2. **Limited Dataset**:
   - The model was trained on a small dataset comprising only two financial reports with manually annotated examples.
   - This limited the model’s ability to generalize to unseen financial text.

3. **Annotation Challenges**:
   - Manual annotation was time-consuming and error-prone, especially for complex financial jargon and domain-specific terms.

---

### Improvements and Future Directions

1. **Expand Dataset**:
   - Collect additional financial reports from diverse companies and sources (e.g., SEC filings, news websites, earnings calls).
   - Increase the variety of text formats and contexts to improve the model's robustness.

2. **Automate Annotation**:
   - Utilize weak supervision or semi-supervised learning for faster annotation.
   - Use pre-trained models like `FinBERT` to generate initial annotations and refine them manually.

3. **Improve Model Performance**:
   - Fine-tune the system with domain-specific pre-trained models, such as:
     - `FinBERT`
     - Financial SpaCy pipelines
   - Experiment with transformer-based models for better context understanding.

4. **Add New Entity Types**:
   - Extend the system to include additional entity types, such as:
     - Stock tickers (e.g., `AAPL`)
     - Financial events (e.g., `mergers`, `IPOs`)
     - Percentages (e.g., `5%`)
   - Create detailed annotation guidelines for these entities.
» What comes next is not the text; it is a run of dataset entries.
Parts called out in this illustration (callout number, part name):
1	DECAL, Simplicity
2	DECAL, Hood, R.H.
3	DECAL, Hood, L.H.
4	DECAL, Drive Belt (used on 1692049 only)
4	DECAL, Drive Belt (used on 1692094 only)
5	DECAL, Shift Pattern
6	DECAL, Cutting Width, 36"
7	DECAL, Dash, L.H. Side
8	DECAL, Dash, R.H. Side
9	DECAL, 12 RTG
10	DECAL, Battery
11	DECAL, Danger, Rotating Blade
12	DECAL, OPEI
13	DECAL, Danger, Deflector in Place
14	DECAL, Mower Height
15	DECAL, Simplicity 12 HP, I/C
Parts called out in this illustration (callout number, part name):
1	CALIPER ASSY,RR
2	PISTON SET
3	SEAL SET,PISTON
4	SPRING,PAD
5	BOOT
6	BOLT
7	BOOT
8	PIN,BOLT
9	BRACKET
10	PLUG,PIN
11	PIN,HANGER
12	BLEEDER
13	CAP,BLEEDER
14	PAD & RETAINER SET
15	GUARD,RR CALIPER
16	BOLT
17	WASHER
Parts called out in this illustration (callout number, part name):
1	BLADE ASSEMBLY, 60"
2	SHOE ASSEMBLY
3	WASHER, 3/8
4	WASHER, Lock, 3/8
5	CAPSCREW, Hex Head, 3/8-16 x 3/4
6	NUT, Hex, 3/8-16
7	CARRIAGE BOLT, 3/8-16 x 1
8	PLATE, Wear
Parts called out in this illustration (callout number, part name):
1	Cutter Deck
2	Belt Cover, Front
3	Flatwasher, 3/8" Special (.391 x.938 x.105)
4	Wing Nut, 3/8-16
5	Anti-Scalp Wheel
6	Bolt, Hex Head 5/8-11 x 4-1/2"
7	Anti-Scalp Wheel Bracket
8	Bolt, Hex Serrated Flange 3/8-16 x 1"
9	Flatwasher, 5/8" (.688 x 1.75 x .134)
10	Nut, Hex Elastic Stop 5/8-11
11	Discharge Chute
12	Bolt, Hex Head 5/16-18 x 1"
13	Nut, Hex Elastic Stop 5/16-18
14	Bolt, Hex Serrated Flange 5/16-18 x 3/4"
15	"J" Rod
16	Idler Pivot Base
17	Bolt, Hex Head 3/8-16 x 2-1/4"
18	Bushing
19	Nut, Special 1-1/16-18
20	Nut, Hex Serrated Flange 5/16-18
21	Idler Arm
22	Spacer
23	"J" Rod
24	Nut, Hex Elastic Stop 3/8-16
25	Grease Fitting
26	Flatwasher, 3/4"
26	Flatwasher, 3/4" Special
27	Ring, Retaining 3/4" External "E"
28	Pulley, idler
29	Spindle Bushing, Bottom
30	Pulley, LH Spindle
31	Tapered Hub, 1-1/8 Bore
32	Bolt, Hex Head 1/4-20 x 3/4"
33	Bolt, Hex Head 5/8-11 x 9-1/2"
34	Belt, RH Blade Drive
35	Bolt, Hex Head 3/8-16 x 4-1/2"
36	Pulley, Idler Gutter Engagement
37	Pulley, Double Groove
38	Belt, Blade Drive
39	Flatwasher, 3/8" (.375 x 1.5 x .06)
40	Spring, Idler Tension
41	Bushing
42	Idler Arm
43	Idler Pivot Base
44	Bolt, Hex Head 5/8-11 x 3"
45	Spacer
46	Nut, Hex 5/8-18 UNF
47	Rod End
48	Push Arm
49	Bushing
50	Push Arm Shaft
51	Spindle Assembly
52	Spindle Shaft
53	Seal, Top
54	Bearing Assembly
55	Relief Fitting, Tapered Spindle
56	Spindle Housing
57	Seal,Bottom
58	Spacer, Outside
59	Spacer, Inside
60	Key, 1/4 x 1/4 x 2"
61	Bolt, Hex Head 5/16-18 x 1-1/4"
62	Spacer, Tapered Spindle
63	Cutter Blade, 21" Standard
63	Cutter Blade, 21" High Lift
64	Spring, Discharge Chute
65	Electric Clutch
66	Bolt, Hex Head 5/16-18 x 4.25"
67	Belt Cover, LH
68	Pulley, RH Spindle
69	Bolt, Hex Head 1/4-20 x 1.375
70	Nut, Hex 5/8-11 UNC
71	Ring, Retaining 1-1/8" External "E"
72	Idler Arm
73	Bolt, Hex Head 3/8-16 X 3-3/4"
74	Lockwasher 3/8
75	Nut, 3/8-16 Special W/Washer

5. **Visualization and User Interface**:
   - Enhance the Streamlit app to:
     - Accept larger text inputs.
     - Provide filters for specific entities.
     - Offer interactive visualization with entity details.

6. **Real-World Deployment**:
   - Deploy the system as an API or web dashboard.
   - Test the system with real-world financial text and collect feedback for iterative improvements.

---

### Summary of Findings

1. **Challenges**:
   - Limited dataset and manual annotation hampered the system’s performance.
   - Entity recognition was partially successful due to insufficient domain-specific training.

2. **Key Results**:
   - The system effectively extracted some entities (e.g., company names and monetary values).
   - Entity visualization provided insights into their placement within the text.

3. **Future Scope**:
   - Automate annotations and expand the dataset for scalability.
   - Transition to advanced transformer-based models for improved accuracy and contextual understanding.